Your objective: A copy of the listing below is needed, exact in every line and without images.

Data records:
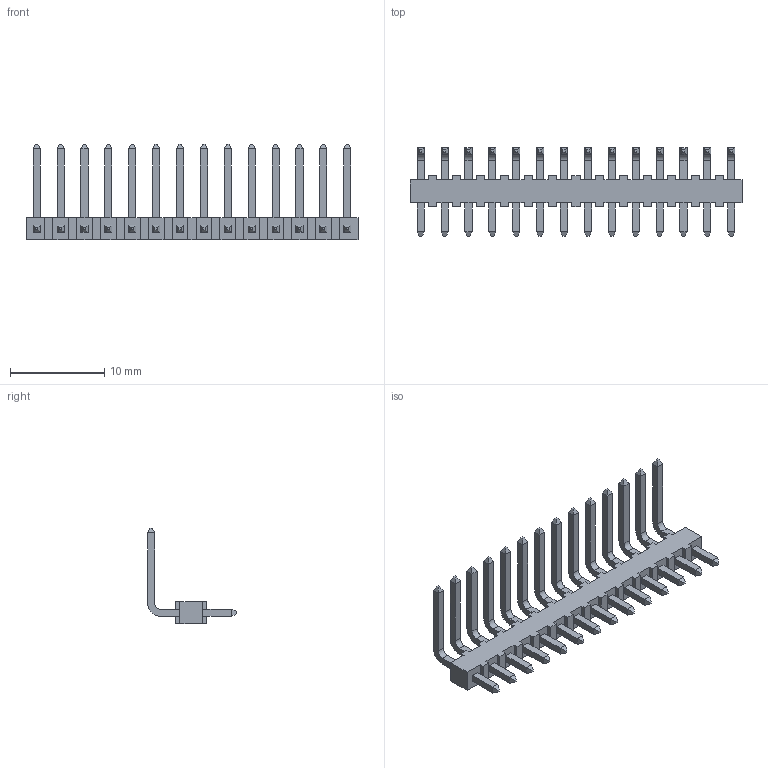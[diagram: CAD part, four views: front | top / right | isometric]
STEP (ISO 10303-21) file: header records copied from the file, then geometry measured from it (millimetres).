
FILE_DESCRIPTION((''),'2;1');
FILE_NAME('022052141','2015-10-16T',('me'),(''),'PRO/ENGINEER BY PARAMETRIC TECHNOLOGY CORPORATION, 2011490','PRO/ENGINEER BY PARAMETRIC TECHNOLOGY CORPORATION, 2011490','');
FILE_SCHEMA(('CONFIG_CONTROL_DESIGN'));
Length unit declared in the file: inch
Products named in the file (1): 022052141
Bounding box: 35.31 x 9.45 x 10.17 mm (x, y, z)
Volume: 345.4 mm3; surface area: 1045.4 mm2
Topology: 1 solids, 1 shells, 418 faces, 1080 edges, 692 vertices
Faces by surface type: plane 390, cylinder 28
Entity records: 12415 total; most frequent: CARTESIAN_POINT 2163, ORIENTED_EDGE 2104, DIRECTION 2002, EDGE_CURVE 1052, VECTOR 996, LINE 996, VERTEX_POINT 664, AXIS2_PLACEMENT_3D 503

Solution to this problem:
[diagram: CAD part, four views: front | top / right | isometric]
STEP (ISO 10303-21) file: header records copied from the file, then geometry measured from it (millimetres).
FILE_DESCRIPTION((''),'2;1');
FILE_NAME('022052141','2015-10-16T',('me'),(''),'PRO/ENGINEER BY PARAMETRIC TECHNOLOGY CORPORATION, 2011490','PRO/ENGINEER BY PARAMETRIC TECHNOLOGY CORPORATION, 2011490','');
FILE_SCHEMA(('CONFIG_CONTROL_DESIGN'));
Length unit declared in the file: inch
Products named in the file (1): 022052141
Bounding box: 35.31 x 9.45 x 10.17 mm (x, y, z)
Volume: 345.4 mm3; surface area: 1045.4 mm2
Topology: 1 solids, 1 shells, 418 faces, 1080 edges, 692 vertices
Faces by surface type: plane 390, cylinder 28
Entity records: 12415 total; most frequent: CARTESIAN_POINT 2163, ORIENTED_EDGE 2104, DIRECTION 2002, EDGE_CURVE 1052, VECTOR 996, LINE 996, VERTEX_POINT 664, AXIS2_PLACEMENT_3D 503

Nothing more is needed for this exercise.